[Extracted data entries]
::::::::::

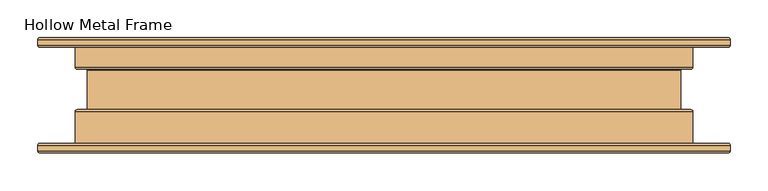
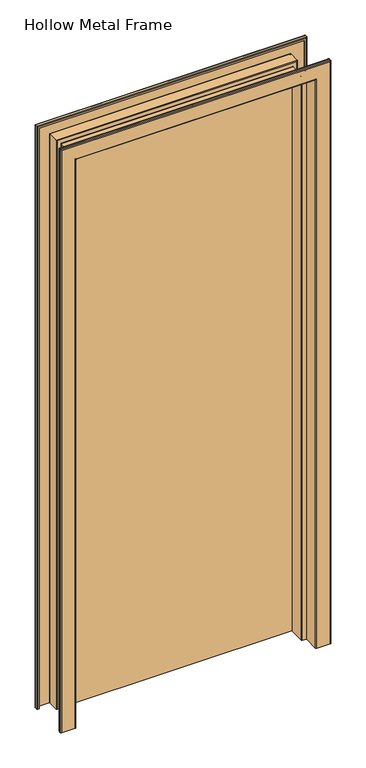
"""IFC4 building model written with IfcOpenShell, lengths in millimetres: door geometry, Hollow Metal Frame."""

from ifc_helpers import new_model, si_unit, frame, origin, origin_with_axes, place, context, project, spatial, polyline, circle_curve, ellipse_curve, outline, extrude, source, transform, mapped, element, save
from ifc_brep_helpers import plane_surface, cylinder_surface, revolved_surface, advanced_brep


def hollow_metal_frame_df2d566d(model_context):
    return source(origin(), model_context, "Body", "SolidModel", [
        advanced_brep(
        [(-454.62825, -63.5635, 0.0), (-449.2625, -63.5635, 0.0), (-449.2625, -65.11925, 0.0), (-454.62825, -65.11925, 0.0), (-455.64425, -66.13525, 0.0), (-455.64425, -73.66, 0.0), (-454.62825, -74.676, 0.0), (-408.97175, -74.676, 0.0), (-407.95575, -73.66, 0.0), (-407.95575, -21.68525, 0.0), (-405.384, -19.1135, 0.0), (-393.09675, -19.1135, 0.0), (-392.08075, -18.0975, 0.0), (-392.08075, 33.6931, 0.0), (-393.09675, 34.7091, 0.0), (-405.384, 34.7091, 0.0), (-407.95575, 37.28085, 0.0), (-407.95575, 73.5965, 0.0), (-408.97175, 74.6125, 0.0), (-454.62825, 74.6125, 0.0), (-455.64425, 73.5965, 0.0), (-455.64425, 66.07175, 0.0), (-454.62825, 65.05575, 0.0), (-449.2625, 65.05575, 0.0), (-449.2625, 63.5, 0.0), (-454.62825, 63.5, 0.0), (-457.2, 66.07175, 0.0), (-457.2, 73.5965, 0.0), (-454.62825, 76.16825, 0.0), (-408.97175, 76.16825, 0.0), (-406.4, 73.5965, 0.0), (-406.4, 37.28085, 0.0), (-405.384, 36.26485, 0.0), (-393.09675, 36.26485, 0.0), (-390.525, 33.6931, 0.0), (-390.525, -18.0975, 0.0), (-393.09675, -20.66925, 0.0), (-405.384, -20.66925, 0.0), (-406.4, -21.68525, 0.0), (-406.4, -73.66, 0.0), (-408.97175, -76.23175, 0.0), (-454.62825, -76.23175, 0.0), (-457.2, -73.66, 0.0), (-457.2, -66.13525, 0.0), (-457.2, -66.13525, 2082.8000001), (-454.62825, -63.5635, 2080.2282501), (-457.2, -73.66, 2082.8000001), (-454.62825, -76.23175, 2080.2282501), (-408.97175, -76.23175, 2034.5717501), (408.97175, -76.23175, 2034.5717501), (408.97175, -76.23175, 0.0), (454.62825, -76.23175, 0.0), (454.62825, -76.23175, 2080.2282501), (-406.4, -73.66, 2032.0000001), (-406.4, -21.68525, 2032.0000001), (-405.384, -20.66925, 2030.9840001), (-393.09675, -20.66925, 2018.6967501), (393.09675, -20.66925, 2018.6967501), (393.09675, -20.66925, 0.0), (405.384, -20.66925, 0.0), (405.384, -20.66925, 2030.9840001), (-390.525, -18.0975, 2016.1250001), (-390.525, 33.6931, 2016.1250001), (-393.09675, 36.26485, 2018.6967501), (-405.384, 36.26485, 2030.9840001), (405.384, 36.26485, 2030.9840001), (405.384, 36.26485, 0.0), (393.09675, 36.26485, 0.0), (393.09675, 36.26485, 2018.6967501), (-406.4, 37.28085, 2032.0000001), (-406.4, 73.5965, 2032.0000001), (-408.97175, 76.16825, 2034.5717501), (-454.62825, 76.16825, 2080.2282501), (454.62825, 76.16825, 2080.2282501), (454.62825, 76.16825, 0.0), (408.97175, 76.16825, 0.0), (408.97175, 76.16825, 2034.5717501), (-457.2, 73.5965, 2082.8000001), (-457.2, 66.07175, 2082.8000001), (-454.62825, 63.5, 2080.2282501), (-449.2625, 63.5, 2074.8625001), (449.2625, 63.5, 2074.8625001), (449.2625, 63.5, 0.0), (454.62825, 63.5, 0.0), (454.62825, 63.5, 2080.2282501), (-449.2625, 65.05575, 2074.8625001), (-454.62825, 65.05575, 2080.2282501), (454.62825, 65.05575, 2080.2282501), (454.62825, 65.05575, 0.0), (449.2625, 65.05575, 0.0), (449.2625, 65.05575, 2074.8625001), (-455.64425, 66.07175, 2081.2442501), (-455.64425, 73.5965, 2081.2442501), (-454.62825, 74.6125, 2080.2282501), (-408.97175, 74.6125, 2034.5717501), (408.97175, 74.6125, 2034.5717501), (408.97175, 74.6125, 0.0), (454.62825, 74.6125, 0.0), (454.62825, 74.6125, 2080.2282501), (-407.95575, 73.5965, 2033.5557501), (-407.95575, 37.28085, 2033.5557501), (-405.384, 34.7091, 2030.9840001), (-393.09675, 34.7091, 2018.6967501), (393.09675, 34.7091, 2018.6967501), (393.09675, 34.7091, 0.0), (405.384, 34.7091, 0.0), (405.384, 34.7091, 2030.9840001), (-392.08075, 33.6931, 2017.6807501), (-392.08075, -18.0975, 2017.6807501), (-393.09675, -19.1135, 2018.6967501), (-405.384, -19.1135, 2030.9840001), (405.384, -19.1135, 2030.9840001), (405.384, -19.1135, 0.0), (393.09675, -19.1135, 0.0), (393.09675, -19.1135, 2018.6967501), (-407.95575, -21.68525, 2033.5557501), (-407.95575, -73.66, 2033.5557501), (-408.97175, -74.676, 2034.5717501), (-454.62825, -74.676, 2080.2282501), (454.62825, -74.676, 2080.2282501), (454.62825, -74.676, 0.0), (408.97175, -74.676, 0.0), (408.97175, -74.676, 2034.5717501), (-455.64425, -73.66, 2081.2442501), (-455.64425, -66.13525, 2081.2442501), (-454.62825, -65.11925, 2080.2282501), (-449.2625, -65.11925, 2074.8625001), (449.2625, -65.11925, 2074.8625001), (449.2625, -65.11925, 0.0), (454.62825, -65.11925, 0.0), (454.62825, -65.11925, 2080.2282501), (-449.2625, -63.5635, 2074.8625001), (454.62825, -63.5635, 2080.2282501), (454.62825, -63.5635, 0.0), (449.2625, -63.5635, 0.0), (449.2625, -63.5635, 2074.8625001), (457.2, -66.13525, 2082.8000001), (457.2, -73.66, 2082.8000001), (406.4, -73.66, 2032.0000001), (406.4, -21.68525, 2032.0000001), (390.525, -18.0975, 2016.1250001), (390.525, 33.6931, 2016.1250001), (406.4, 37.28085, 2032.0000001), (406.4, 73.5965, 2032.0000001), (457.2, 73.5965, 2082.8000001), (457.2, 66.07175, 2082.8000001), (455.64425, 66.07175, 2081.2442501), (455.64425, 73.5965, 2081.2442501), (407.95575, 73.5965, 2033.5557501), (407.95575, 37.28085, 2033.5557501), (392.08075, 33.6931, 2017.6807501), (392.08075, -18.0975, 2017.6807501), (407.95575, -21.68525, 2033.5557501), (407.95575, -73.66, 2033.5557501), (455.64425, -73.66, 2081.2442501), (455.64425, -66.13525, 2081.2442501), (457.2, -66.13525, 0.0), (457.2, -73.66, 0.0), (406.4, -73.66, 0.0), (406.4, -21.68525, 0.0), (390.525, -18.0975, 0.0), (390.525, 33.6931, 0.0), (406.4, 37.28085, 0.0), (406.4, 73.5965, 0.0), (457.2, 73.5965, 0.0), (457.2, 66.07175, 0.0), (455.64425, 66.07175, 0.0), (455.64425, 73.5965, 0.0), (407.95575, 73.5965, 0.0), (407.95575, 37.28085, 0.0), (392.08075, 33.6931, 0.0), (392.08075, -18.0975, 0.0), (407.95575, -21.68525, 0.0), (407.95575, -73.66, 0.0), (455.64425, -73.66, 0.0), (455.64425, -66.13525, 0.0)],
        [
            (0, 1),
            (1, 2),
            (2, 3),
            (3, 4, circle_curve(frame((-454.62825, -66.13525, 0.0), z_axis=(0.0, 0.0, 1.0), x_axis=(0.0, 1.0, 0.0)), 1.016)),
            (4, 5),
            (5, 6, circle_curve(frame((-454.62825, -73.66, 0.0), z_axis=(0.0, 0.0, 1.0), x_axis=(0.0, 1.0, 0.0)), 1.016)),
            (6, 7),
            (7, 8, circle_curve(frame((-408.97175, -73.66, 0.0), z_axis=(0.0, 0.0, 1.0), x_axis=(0.0, 1.0, 0.0)), 1.016)),
            (8, 9),
            (9, 10, circle_curve(frame((-405.384, -21.68525, 0.0), z_axis=(0.0, 0.0, -1.0), x_axis=(0.0, 1.0, 0.0)), 2.57175)),
            (10, 11),
            (11, 12, circle_curve(frame((-393.09675, -18.0975, 0.0), z_axis=(0.0, 0.0, 1.0), x_axis=(0.0, 1.0, 0.0)), 1.016)),
            (12, 13),
            (13, 14, circle_curve(frame((-393.09675, 33.6931, 0.0), z_axis=(0.0, 0.0, 1.0), x_axis=(0.0, 1.0, 0.0)), 1.016)),
            (14, 15),
            (15, 16, circle_curve(frame((-405.384, 37.28085, 0.0), z_axis=(0.0, 0.0, -1.0), x_axis=(0.0, 1.0, 0.0)), 2.57175)),
            (16, 17),
            (17, 18, circle_curve(frame((-408.97175, 73.5965, 0.0), z_axis=(0.0, 0.0, 1.0), x_axis=(0.0, 1.0, 0.0)), 1.016)),
            (18, 19),
            (19, 20, circle_curve(frame((-454.62825, 73.5965, 0.0), z_axis=(0.0, 0.0, 1.0), x_axis=(0.0, 1.0, 0.0)), 1.016)),
            (20, 21),
            (21, 22, circle_curve(frame((-454.62825, 66.07175, 0.0), z_axis=(0.0, 0.0, 1.0), x_axis=(0.0, 1.0, 0.0)), 1.016)),
            (22, 23),
            (23, 24),
            (24, 25),
            (25, 26, circle_curve(frame((-454.62825, 66.07175, 0.0), z_axis=(0.0, 0.0, -1.0), x_axis=(0.0, 1.0, 0.0)), 2.57175)),
            (26, 27),
            (27, 28, circle_curve(frame((-454.62825, 73.5965, 0.0), z_axis=(0.0, 0.0, -1.0), x_axis=(0.0, 1.0, 0.0)), 2.57175)),
            (28, 29),
            (29, 30, circle_curve(frame((-408.97175, 73.5965, 0.0), z_axis=(0.0, 0.0, -1.0), x_axis=(0.0, 1.0, 0.0)), 2.57175)),
            (30, 31),
            (31, 32, circle_curve(frame((-405.384, 37.28085, 0.0), z_axis=(0.0, 0.0, 1.0), x_axis=(0.0, 1.0, 0.0)), 1.016)),
            (32, 33),
            (33, 34, circle_curve(frame((-393.09675, 33.6931, 0.0), z_axis=(0.0, 0.0, -1.0), x_axis=(0.0, 1.0, 0.0)), 2.57175)),
            (34, 35),
            (35, 36, circle_curve(frame((-393.09675, -18.0975, 0.0), z_axis=(0.0, 0.0, -1.0), x_axis=(0.0, 1.0, 0.0)), 2.57175)),
            (36, 37),
            (37, 38, circle_curve(frame((-405.384, -21.68525, 0.0), z_axis=(0.0, 0.0, 1.0), x_axis=(0.0, 1.0, 0.0)), 1.016)),
            (38, 39),
            (39, 40, circle_curve(frame((-408.97175, -73.66, 0.0), z_axis=(0.0, 0.0, -1.0), x_axis=(0.0, 1.0, 0.0)), 2.57175)),
            (40, 41),
            (41, 42, circle_curve(frame((-454.62825, -73.66, 0.0), z_axis=(0.0, 0.0, -1.0), x_axis=(0.0, 1.0, 0.0)), 2.57175)),
            (42, 43),
            (43, 0, circle_curve(frame((-454.62825, -66.13525, 0.0), z_axis=(0.0, 0.0, -1.0), x_axis=(0.0, 1.0, 0.0)), 2.57175)),
            (43, 44),
            (44, 45, ellipse_curve(frame((-454.62825, -66.13525, 2080.2282501), z_axis=(-0.7071067811865475, 0.0, -0.7071067811865475), x_axis=(0.7071067811865474, 0.0, -0.7071067811865476)), 3.6370037, 2.57175)),
            (45, 0),
            (42, 46),
            (46, 44),
            (41, 47),
            (47, 46, ellipse_curve(frame((-454.62825, -73.66, 2080.2282501), z_axis=(-0.7071067811865475, 0.0, -0.7071067811865475), x_axis=(0.7071067811865474, 0.0, -0.7071067811865476)), 3.6370037, 2.57175)),
            (40, 48),
            (48, 49),
            (49, 50),
            (50, 51),
            (51, 52),
            (52, 47),
            (39, 53),
            (53, 48, ellipse_curve(frame((-408.97175, -73.66, 2034.5717501), z_axis=(-0.7071067811865475, 0.0, -0.7071067811865475), x_axis=(0.7071067811865474, 0.0, -0.7071067811865476)), 3.6370037, 2.57175)),
            (38, 54),
            (54, 53),
            (37, 55),
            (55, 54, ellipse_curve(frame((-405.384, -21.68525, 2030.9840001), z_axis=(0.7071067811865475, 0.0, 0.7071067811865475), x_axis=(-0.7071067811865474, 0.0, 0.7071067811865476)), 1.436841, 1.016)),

::::::::::

• **Instructions for the task**:
Whenever the word "origin" shows up in a line of the entries, list that line.

• **Exercise solution**:
from ifc_helpers import new_model, si_unit, frame, origin, origin_with_axes, place, context, project, spatial, polyline, circle_curve, ellipse_curve, outline, extrude, source, transform, mapped, element, save
    return source(origin(), model_context, "Body", "SolidModel", [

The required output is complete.